Byliśmy z mężem w trakcie burzliwego i niezbyt przyjemnego rozwodu. Chociaż bardzo się starałam, żeby tak się nie stało, nasze dzieci stały się w pewnym momencie tak zwaną „kartą przetargową”. W niemały sposób odbiło się to na ich psychice. Syn jakoś to przeżył, ale córeczka była jeszcze mała i niewiele rozumiała. Stała się przez to nerwowa, lękliwa i wykazywała nawet zachowania agresywne. Wiedziałam, że muszę znaleźć dla niej dobrego psychologa, ponieważ inaczej te destrukcyjne zachowania mogły się tylko nasilać.

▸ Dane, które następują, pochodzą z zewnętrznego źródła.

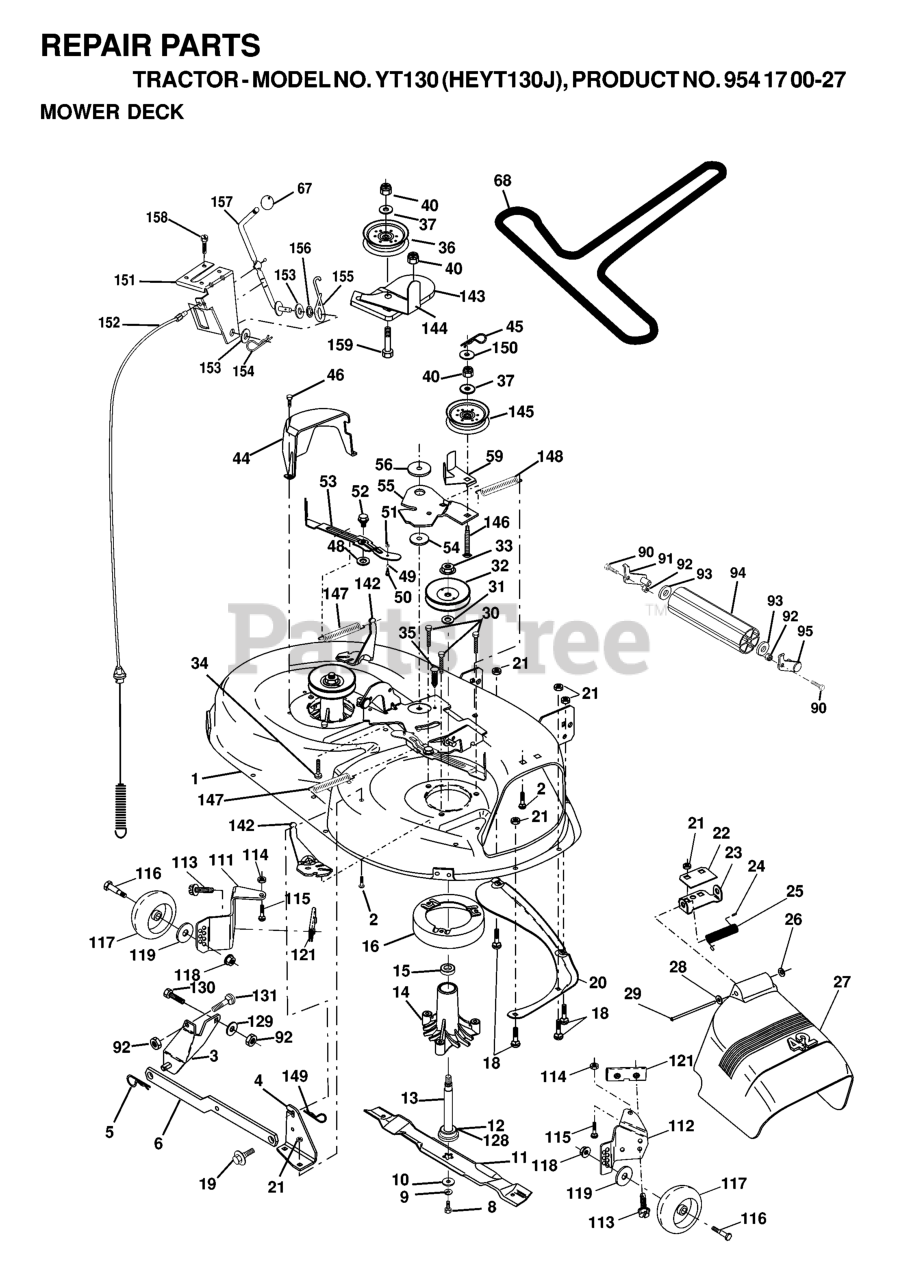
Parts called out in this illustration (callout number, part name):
1	42" DECK KIT
2	RP BOLT 5/16-18 X3/4 ZN/YEL GR
3	BRKT ASM SWAY BAR
4	BRACKET SWAY BAR 42" DECK
5	RETAINER-SPRNG RB
6	REAR SUSP ARM
8	BLADE BOLT
9	LOCKWASHER
10	WASHER.BLADE
11	BLADE 42", YTH 160
12	BEARING.BALL.#6204.(MANDREL)
13	SHAFT ASM VENT
14	HOUSING.MANDREL.VENTED (MACHD)
16	STRIPPER
18	BOLT
19	BOLT SHD 5/16-18
20	BAFFLE.VORTEX
21	LOCKNUT
22	STIFFENER BRACKET
23	DEFLECTOR BRACKET
24	CAP-SLEEVE LT
25	SPRING TORSION
26	NUT PUSH M
27	SHIELD DEFLECTOR
28	Washer 11/32 x 5/8 x 16 Ga SD
29	ROD.HINGE
30	SCREW THDROL ROLLING WASHER HD
31	WASHER
32	PULLEY/MANDREL
33	NUT
35	FASTENER.XMAS.TREE
36	FLAT IDLER PULLEY
37	WASHER
44	GUARD MANDREL LH BLACK
45	RETAINER M
46	SCREW.1/4-20X5/8
49	ROLLER ASSY
52	BOLT.SHOULDER.5/16-18
53	ARM
54	HARDENED WASHER
55	ARM IDLER 42" MOWER LT/YT
56	SPACER.RETAINER.MOWER
59	GUARD, BELT
67	KNOB T (3/8 HOLE)
68	BELT
90	BOLT
91	BRACKET LH (A)
92	NUT
93	Washer 1 17/32 X 7/8 X 16 Ga
94	NOSE ROLLER
95	BRACKET RH (B)
111	BRACKET WHEEL GAUGE LH 42" DK
112	BRACKET WHEEL GAUGE RH 42" DK
113	SCREW 5/16"
114	NUT
115	BOLT.CARR.5/16-18X1/2
116	BOLT M
117	WHEEL.GAUGE.STANDARD
118	LOCKNUT
119	WASHER.5/16.FLAT.STE.STD.
121	BRACKET.EXTRUDED.GAGE.WHEEL
128	WASHER FELT
129	WASHER
131	BOLT D
142	ARM SPRING BRAKE MOWER
143	BRACKET, ARM IDLER
144	DNO KEEPER.BELT.42".CLUTCH.CBL
145	PULLEY
146	BOLT, CARRIAGE IDLER
147	SPRING EXTENSION
148	IDLER RETURN SPRING
149	KIT CYLINDER #70331
151	BRACKET.CLUTCH.CABLE
152	CLUTCH CABLE 42"
153	WASHER FLAT 3/8"
154	SPRING RETAINER
155	SPRING RETENTION LEVER
156	SPACER.CLUTCH.CABLE
157	ROD CLUTCH CABLE 3/8"
158	SCREW LT
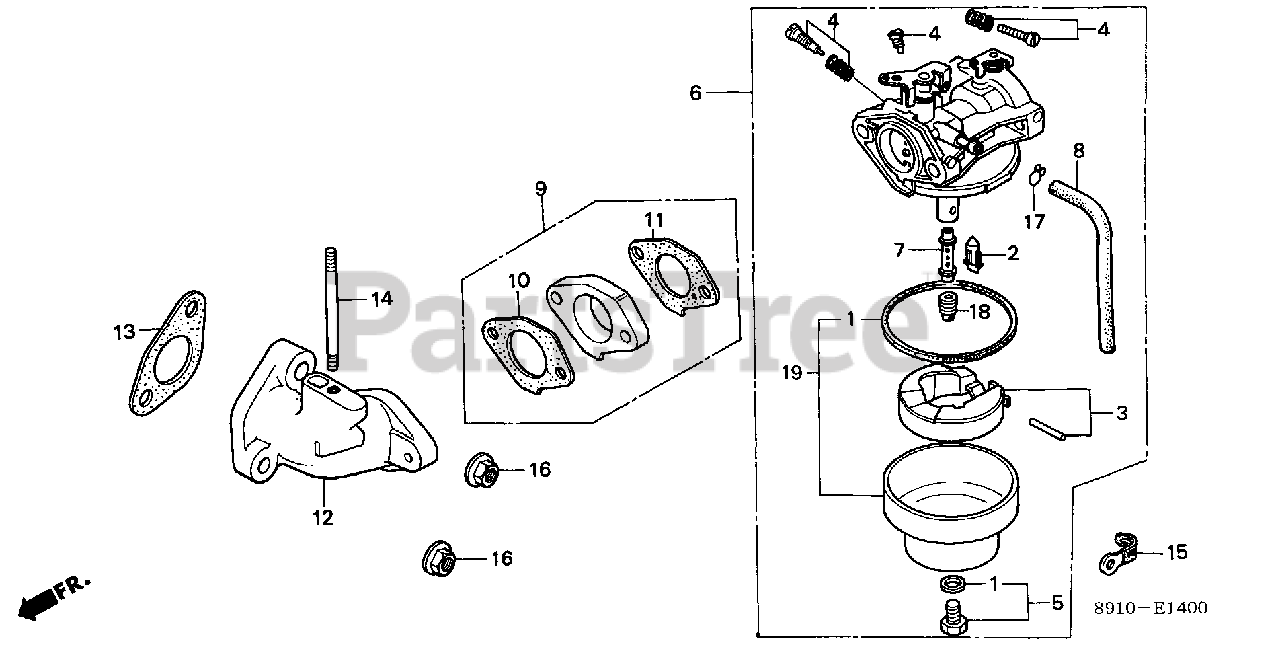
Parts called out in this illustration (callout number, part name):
1	GASKET SET (CARBURETOR NO.)
2	VALVE SET, FLOAT
3	FLOAT SET (CARBURETOR NO.)
4	SCREW SET A (CARBURETOR NO.)
4	SCREW SET A
5	SCREW SET
6	CARBURETOR ASSY. (BB38A H)
7	NOZZLE, MAIN
9	INSULATOR, CARBURETOR
10	GASKET, INSULATOR (NOT AVAILABLE)
11	GASKET, CARBURETOR
12	MANIFOLD, IN.
13	GASKET, IN. MANIFOLD
14	BOLT, STUD (6X87)
16	NUT, FLANGE (8MM)
18	JET, MAIN (#92)
18	JET, MAIN (#95)
18	JET, MAIN (#98)
18	JET, MAIN (#100)
18	JET, MAIN (#102)
18	JET, MAIN (#105)
19	CHAMBER SET, FLOAT
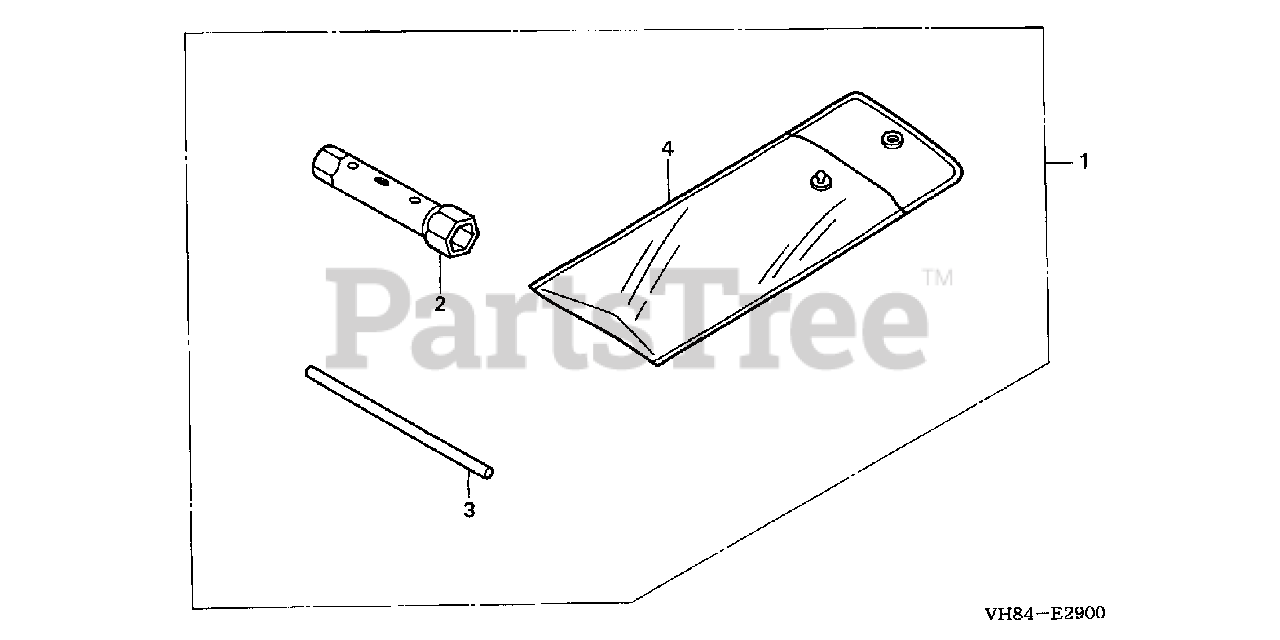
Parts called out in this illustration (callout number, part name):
2	WRENCH, SPARK PLUG
3	BAR A, HANDLE
4	BAG, TOOL (160MM)

Wysłałam córkę do dobrego psychologa dziecięcego
Pożaliłam się mojej przyjaciółce z pracy, że nie mam pojęcia, gdzie znajdę kompetentnego psychologa, który mógłby jej pomóc. Zależało mi na tym, aby znaleźć takiego specjalistę, który zajmie się nią i poprowadzi z nią cały cykl terapii psychologicznej. Nie chciałam narażać jej również na dodatkowy stres. Na szczęście okazało się, że moja przyjaciółka zna pewnego psychologa, który z pewnością ma szybkie terminy i bez problemu przyjmie moją córeczkę. Jest to bardzo dobry psycholog dziecięcy w Łodzi, który specjalizuje się w terapii dzieci w wieku mojej córki. Wzięłam od niej numer telefonu do jego gabinetu i skontaktowałam się z nim jeszcze tego samego dnia. Udało mi się zapisać córeczkę na wizytę bardzo szybko. Już kilka dni później szłam z nią do psychologa, który posiadał swój gabinet w samym centrum Łodzi. Dodatkowym atutem tej lokalizacji było to, że bez problemu mogłam znaleźć tam miejsce parkingowe. Gabinet okazał się bardzo przytulnie urządzony, dzięki czemu córka szybko się rozluźniła i porozmawiała z lekarzem. Już wkrótce po tym jak psycholog przeprowadził z nią wywiad, wysłał ją do zabawy, a mi powiedział na czym polega problem mojego dziecka i w jaki sposób powinnam pracować z nią, aby wspomóc jej rozwój i zniwelować występowanie niechcianych zachowań. Od tego momentu raz w tygodniu zabierałam córkę do tego psychologa, aby mógł on ocenić jej postępy i zaproponować mi odpowiednie ćwiczenia.
Jak się okazało, to było bardzo dobre rozwiązanie. Już po miesiącu zauważyłam znaczną poprawę w jej zachowaniu. Stała się ona weselsza i już nie reagowała lękiem na każde niespodziewane wydarzenie. Córka szybko zaczęła zachowywać się normalnie, ale jeszcze przez długi czas kontynuowaliśmy terapię z psychologiem, żeby upewnić się, że wszystko jest w porządku. Było to również ważne dlatego, że dzięki temu nauczyłam się utrwalać pozytywne wzorce w moim dziecku, a córka nabrała dużej pewności siebie. Efekt mnie bardzo zadowolił.